Find the word "KOMPAS" in the data, then copy each line where it is found.

[Saved data entries]
══════

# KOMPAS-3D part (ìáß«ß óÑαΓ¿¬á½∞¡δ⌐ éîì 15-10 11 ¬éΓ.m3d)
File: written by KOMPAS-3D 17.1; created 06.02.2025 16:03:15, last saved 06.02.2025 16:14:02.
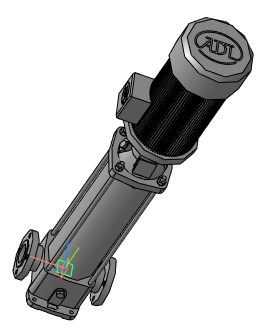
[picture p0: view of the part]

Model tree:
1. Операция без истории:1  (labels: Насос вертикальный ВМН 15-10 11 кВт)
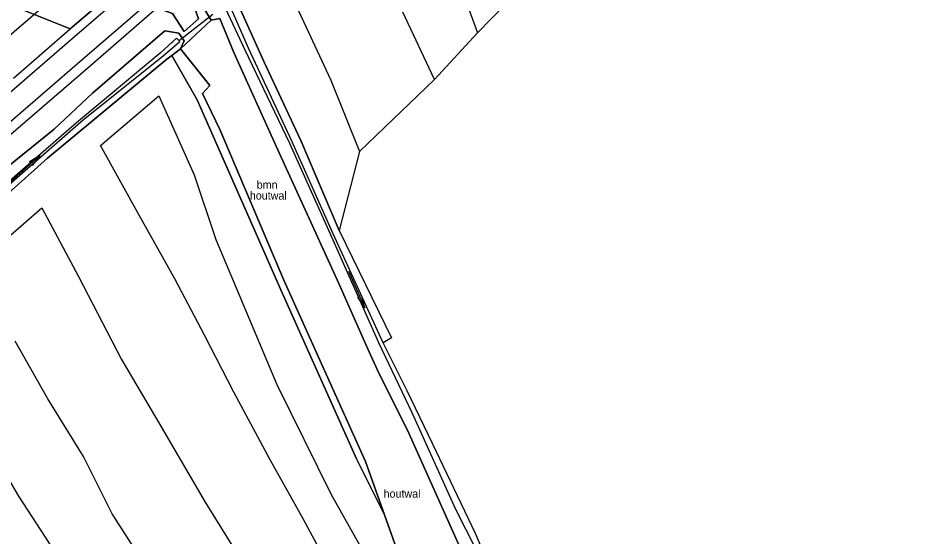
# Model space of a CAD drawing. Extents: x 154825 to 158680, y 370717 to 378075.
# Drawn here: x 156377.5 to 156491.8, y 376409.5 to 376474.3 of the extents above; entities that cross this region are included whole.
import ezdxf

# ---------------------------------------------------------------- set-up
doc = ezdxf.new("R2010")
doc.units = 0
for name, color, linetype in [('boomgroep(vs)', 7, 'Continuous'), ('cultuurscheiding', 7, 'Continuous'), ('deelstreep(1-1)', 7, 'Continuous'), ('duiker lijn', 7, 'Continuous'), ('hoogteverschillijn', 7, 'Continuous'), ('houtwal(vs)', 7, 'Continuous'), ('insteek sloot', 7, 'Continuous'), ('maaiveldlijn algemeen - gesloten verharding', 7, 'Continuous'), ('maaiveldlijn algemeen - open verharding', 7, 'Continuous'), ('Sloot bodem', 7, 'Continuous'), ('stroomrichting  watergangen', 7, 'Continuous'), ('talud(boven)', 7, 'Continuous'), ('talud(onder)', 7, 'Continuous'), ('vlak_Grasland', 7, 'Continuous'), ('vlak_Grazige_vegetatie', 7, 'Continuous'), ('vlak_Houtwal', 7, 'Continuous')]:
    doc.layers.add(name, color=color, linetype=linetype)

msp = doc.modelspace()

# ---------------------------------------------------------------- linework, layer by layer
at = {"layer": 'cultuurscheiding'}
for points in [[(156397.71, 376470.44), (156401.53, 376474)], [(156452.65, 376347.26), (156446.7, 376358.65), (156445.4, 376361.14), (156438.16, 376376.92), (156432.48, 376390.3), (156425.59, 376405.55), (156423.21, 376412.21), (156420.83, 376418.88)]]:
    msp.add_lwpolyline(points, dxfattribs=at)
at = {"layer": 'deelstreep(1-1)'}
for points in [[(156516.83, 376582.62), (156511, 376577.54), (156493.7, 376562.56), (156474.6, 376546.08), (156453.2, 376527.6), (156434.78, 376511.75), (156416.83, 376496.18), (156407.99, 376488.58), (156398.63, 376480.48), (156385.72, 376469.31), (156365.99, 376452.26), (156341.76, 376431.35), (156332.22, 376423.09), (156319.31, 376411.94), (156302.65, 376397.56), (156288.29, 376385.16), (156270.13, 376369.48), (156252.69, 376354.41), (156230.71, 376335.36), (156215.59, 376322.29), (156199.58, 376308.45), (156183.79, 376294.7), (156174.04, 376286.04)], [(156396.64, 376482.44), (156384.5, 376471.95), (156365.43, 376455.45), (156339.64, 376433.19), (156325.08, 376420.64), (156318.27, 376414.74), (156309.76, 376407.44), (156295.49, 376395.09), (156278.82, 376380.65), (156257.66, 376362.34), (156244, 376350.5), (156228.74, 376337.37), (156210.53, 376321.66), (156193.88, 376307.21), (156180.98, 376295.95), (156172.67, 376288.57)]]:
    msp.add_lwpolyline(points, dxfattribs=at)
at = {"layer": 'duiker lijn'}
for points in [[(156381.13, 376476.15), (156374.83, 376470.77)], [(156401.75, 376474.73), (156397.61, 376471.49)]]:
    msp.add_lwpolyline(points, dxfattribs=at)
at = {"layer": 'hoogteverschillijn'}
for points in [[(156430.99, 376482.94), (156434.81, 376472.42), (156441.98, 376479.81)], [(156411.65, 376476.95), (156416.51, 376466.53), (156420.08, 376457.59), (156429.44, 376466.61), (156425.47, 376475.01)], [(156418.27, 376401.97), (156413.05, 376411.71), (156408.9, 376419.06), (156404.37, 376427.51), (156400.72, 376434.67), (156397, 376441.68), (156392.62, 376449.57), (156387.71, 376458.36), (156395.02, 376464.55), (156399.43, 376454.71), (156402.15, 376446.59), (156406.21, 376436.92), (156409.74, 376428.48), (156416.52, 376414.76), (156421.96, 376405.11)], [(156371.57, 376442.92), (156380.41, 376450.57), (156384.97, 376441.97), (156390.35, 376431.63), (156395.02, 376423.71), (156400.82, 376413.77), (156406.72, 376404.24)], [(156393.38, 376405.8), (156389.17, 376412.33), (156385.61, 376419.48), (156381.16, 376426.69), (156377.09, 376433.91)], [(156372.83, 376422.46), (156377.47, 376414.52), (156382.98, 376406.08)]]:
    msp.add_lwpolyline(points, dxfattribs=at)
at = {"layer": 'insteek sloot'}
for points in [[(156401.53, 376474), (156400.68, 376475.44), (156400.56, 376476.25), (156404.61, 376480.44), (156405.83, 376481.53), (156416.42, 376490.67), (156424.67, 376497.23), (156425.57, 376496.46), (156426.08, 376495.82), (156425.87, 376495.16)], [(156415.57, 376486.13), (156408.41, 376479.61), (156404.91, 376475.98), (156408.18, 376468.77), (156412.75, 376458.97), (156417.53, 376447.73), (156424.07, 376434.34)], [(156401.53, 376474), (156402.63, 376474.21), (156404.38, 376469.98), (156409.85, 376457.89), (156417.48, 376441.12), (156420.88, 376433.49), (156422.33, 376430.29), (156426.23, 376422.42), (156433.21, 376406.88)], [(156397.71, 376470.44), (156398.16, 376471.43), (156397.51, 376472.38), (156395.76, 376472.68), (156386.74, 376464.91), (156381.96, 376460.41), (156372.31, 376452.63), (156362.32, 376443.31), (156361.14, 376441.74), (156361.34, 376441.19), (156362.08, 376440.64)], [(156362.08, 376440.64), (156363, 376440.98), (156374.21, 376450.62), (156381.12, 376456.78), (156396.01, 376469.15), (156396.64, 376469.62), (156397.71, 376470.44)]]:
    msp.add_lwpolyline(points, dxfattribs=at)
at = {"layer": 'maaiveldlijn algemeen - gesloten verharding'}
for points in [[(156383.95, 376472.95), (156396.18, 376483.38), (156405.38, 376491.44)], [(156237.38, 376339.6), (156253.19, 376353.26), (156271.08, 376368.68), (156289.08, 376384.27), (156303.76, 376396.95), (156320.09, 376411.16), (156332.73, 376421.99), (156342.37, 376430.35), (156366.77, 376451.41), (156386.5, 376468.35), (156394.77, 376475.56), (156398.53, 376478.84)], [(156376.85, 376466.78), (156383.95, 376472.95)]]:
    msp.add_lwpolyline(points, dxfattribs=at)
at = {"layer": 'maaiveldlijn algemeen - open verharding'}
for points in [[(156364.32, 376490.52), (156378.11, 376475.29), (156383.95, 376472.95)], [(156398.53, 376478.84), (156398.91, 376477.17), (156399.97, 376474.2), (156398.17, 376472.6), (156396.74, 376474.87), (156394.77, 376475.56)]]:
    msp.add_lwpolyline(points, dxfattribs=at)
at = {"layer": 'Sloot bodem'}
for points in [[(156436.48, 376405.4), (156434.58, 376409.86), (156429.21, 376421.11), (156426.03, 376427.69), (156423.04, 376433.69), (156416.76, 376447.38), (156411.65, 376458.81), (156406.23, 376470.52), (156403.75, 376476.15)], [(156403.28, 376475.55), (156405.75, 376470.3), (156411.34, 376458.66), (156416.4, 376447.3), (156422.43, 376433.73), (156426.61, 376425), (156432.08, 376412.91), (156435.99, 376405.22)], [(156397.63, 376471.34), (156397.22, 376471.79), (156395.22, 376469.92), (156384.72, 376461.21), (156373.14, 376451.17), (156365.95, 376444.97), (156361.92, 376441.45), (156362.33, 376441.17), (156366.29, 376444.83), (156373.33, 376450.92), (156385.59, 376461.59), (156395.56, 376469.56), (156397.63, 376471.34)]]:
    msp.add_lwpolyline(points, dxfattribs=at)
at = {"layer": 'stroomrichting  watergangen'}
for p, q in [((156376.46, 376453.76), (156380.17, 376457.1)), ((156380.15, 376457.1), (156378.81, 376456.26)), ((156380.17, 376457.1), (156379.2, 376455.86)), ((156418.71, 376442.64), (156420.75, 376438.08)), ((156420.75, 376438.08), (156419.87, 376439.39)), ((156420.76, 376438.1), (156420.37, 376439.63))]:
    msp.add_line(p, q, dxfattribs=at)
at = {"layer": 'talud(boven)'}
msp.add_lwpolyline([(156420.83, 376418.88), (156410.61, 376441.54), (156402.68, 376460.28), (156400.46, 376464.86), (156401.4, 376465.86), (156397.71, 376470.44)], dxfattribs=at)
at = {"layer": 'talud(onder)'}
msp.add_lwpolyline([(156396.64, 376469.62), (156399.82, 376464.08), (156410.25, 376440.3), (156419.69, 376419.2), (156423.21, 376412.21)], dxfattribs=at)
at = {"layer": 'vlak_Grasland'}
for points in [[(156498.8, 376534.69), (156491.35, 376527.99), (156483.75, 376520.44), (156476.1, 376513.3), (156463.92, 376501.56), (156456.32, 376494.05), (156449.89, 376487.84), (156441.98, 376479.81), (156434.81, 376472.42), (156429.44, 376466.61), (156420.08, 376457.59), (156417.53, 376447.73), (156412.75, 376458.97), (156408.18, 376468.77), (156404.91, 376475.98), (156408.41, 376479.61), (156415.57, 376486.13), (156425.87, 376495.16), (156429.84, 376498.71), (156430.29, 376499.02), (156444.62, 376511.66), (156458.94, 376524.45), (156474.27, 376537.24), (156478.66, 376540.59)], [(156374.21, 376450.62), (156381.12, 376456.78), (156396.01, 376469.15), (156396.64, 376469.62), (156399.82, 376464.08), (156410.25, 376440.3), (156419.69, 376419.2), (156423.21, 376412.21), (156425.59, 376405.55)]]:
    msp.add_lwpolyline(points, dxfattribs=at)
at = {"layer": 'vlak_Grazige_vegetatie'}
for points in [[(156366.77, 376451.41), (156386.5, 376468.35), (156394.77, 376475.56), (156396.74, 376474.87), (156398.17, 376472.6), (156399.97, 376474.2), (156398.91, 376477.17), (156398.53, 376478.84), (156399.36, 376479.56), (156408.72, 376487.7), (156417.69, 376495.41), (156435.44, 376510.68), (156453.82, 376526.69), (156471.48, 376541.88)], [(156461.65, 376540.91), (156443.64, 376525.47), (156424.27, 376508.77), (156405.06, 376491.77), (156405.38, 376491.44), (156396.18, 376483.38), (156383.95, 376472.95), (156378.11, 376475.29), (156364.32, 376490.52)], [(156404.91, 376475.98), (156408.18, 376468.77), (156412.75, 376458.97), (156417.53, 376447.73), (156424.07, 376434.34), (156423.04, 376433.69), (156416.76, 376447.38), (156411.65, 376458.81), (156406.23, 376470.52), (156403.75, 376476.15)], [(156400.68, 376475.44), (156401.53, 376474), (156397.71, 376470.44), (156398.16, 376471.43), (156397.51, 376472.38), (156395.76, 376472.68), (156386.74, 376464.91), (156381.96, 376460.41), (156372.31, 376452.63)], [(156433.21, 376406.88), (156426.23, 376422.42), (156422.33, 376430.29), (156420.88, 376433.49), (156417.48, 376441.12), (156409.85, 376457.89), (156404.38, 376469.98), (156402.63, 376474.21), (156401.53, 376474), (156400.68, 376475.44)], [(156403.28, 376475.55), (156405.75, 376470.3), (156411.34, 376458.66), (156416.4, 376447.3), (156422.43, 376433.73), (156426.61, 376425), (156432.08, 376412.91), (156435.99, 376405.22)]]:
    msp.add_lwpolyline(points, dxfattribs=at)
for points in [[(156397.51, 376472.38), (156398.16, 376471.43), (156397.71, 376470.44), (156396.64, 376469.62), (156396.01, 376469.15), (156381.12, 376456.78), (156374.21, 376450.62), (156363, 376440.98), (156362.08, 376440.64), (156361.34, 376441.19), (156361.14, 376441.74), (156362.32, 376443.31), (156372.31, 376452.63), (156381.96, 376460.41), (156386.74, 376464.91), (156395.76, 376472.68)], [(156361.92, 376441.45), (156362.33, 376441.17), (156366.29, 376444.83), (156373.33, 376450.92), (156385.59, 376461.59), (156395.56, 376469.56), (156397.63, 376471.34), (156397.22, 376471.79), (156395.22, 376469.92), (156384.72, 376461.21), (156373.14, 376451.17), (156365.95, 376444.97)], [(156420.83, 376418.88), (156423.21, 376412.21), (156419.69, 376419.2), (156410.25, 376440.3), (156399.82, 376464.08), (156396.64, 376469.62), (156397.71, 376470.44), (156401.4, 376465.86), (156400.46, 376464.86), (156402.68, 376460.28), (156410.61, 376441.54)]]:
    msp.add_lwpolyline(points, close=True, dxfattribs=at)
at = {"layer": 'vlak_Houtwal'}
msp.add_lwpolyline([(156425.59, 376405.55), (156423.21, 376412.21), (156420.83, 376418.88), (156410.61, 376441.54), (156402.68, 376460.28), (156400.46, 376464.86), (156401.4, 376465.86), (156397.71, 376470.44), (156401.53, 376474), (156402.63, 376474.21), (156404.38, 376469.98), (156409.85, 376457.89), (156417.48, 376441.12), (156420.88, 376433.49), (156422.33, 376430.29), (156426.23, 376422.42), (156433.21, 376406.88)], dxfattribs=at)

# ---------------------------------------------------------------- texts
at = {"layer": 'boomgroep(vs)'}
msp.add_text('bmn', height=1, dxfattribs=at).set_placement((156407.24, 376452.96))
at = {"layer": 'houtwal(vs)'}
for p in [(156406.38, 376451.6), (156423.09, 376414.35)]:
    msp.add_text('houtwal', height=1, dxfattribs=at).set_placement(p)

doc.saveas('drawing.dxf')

══════

#### Task output
# KOMPAS-3D part (ìáß«ß óÑαΓ¿¬á½∞¡δ⌐ éîì 15-10 11 ¬éΓ.m3d)
File: written by KOMPAS-3D 17.1; created 06.02.2025 16:03:15, last saved 06.02.2025 16:14:02.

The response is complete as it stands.